- **TASK GOAL**: Copy out all lines of the records in which the word "HOSE" appears.
START SUPPLIED RECORDS
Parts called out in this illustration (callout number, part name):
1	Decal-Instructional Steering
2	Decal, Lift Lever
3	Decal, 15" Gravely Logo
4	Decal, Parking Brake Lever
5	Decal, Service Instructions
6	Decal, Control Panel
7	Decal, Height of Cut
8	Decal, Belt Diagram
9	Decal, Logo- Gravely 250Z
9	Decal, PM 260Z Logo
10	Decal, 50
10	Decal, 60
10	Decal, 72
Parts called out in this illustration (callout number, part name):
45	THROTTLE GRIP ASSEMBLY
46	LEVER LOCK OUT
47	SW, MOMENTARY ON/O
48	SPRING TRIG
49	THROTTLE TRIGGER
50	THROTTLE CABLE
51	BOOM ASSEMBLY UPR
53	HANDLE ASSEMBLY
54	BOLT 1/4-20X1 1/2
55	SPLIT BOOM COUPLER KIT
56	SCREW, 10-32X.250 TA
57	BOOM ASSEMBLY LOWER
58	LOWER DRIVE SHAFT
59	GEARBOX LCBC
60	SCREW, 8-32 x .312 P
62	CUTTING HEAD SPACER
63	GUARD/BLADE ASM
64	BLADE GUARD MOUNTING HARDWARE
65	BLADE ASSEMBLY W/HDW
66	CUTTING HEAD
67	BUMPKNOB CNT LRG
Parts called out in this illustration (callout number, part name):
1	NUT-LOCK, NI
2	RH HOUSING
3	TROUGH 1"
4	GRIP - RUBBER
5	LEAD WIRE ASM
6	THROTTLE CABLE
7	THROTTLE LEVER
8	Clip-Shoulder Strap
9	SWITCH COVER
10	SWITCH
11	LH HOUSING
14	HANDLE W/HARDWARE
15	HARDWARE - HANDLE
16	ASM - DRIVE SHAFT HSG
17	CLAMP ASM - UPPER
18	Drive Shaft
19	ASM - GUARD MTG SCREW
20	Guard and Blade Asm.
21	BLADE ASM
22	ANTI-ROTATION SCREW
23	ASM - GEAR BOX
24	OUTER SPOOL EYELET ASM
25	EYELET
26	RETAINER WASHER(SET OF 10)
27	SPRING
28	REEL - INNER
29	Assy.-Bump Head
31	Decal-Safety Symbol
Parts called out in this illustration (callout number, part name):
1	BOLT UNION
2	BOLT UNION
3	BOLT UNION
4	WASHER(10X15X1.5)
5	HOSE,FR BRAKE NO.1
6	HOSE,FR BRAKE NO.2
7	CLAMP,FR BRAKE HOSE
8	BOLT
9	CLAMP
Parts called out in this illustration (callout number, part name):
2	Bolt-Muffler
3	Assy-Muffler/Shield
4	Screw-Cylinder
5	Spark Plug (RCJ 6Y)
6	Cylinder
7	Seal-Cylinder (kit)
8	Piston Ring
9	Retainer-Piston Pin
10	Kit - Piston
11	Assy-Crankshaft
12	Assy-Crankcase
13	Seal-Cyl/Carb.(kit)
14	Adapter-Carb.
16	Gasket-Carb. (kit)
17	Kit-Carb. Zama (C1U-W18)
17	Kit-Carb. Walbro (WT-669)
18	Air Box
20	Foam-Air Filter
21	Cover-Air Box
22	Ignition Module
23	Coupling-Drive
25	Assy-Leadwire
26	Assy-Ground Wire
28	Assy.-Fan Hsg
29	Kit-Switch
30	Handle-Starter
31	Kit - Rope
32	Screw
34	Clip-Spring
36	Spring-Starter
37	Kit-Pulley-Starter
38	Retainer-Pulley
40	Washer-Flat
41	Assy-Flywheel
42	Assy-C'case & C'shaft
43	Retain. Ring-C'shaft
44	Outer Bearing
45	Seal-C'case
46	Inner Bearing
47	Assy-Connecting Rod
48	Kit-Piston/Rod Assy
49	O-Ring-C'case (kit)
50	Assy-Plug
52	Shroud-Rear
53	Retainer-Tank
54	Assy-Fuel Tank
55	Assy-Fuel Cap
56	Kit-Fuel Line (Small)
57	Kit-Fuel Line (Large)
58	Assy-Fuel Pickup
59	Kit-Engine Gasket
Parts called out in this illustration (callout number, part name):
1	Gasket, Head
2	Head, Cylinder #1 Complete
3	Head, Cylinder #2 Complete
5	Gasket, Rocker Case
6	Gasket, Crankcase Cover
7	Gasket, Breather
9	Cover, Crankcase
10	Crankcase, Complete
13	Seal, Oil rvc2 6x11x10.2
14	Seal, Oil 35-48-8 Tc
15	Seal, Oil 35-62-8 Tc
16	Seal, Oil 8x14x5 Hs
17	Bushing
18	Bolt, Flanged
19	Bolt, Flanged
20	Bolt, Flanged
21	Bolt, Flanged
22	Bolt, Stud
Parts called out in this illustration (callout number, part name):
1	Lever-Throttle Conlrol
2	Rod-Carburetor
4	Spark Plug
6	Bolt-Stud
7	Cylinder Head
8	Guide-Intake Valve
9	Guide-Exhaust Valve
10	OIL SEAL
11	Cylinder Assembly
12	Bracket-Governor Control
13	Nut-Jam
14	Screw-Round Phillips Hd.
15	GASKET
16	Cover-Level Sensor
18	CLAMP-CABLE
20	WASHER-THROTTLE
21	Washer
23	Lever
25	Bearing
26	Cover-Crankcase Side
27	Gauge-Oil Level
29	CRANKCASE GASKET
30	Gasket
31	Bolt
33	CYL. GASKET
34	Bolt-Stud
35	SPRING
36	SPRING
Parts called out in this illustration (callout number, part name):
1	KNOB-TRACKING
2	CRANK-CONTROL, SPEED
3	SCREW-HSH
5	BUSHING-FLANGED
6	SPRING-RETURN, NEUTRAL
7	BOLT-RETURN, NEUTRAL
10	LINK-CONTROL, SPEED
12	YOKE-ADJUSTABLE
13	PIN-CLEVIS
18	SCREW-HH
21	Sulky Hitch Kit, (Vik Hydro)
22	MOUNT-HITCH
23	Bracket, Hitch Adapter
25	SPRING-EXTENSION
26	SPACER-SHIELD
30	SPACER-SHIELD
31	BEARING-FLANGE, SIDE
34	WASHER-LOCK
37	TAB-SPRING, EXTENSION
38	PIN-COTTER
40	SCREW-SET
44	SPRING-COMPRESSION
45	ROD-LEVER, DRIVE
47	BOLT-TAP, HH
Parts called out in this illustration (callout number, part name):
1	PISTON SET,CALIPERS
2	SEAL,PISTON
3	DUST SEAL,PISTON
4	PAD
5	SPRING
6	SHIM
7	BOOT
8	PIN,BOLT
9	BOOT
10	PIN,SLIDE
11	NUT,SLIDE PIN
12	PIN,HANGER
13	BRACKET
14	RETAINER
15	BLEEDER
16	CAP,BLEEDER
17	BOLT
END SUPPLIED RECORDS
- **RESPONSE TO THE TASK**:
5	HOSE,FR BRAKE NO.1
6	HOSE,FR BRAKE NO.2
7	CLAMP,FR BRAKE HOSE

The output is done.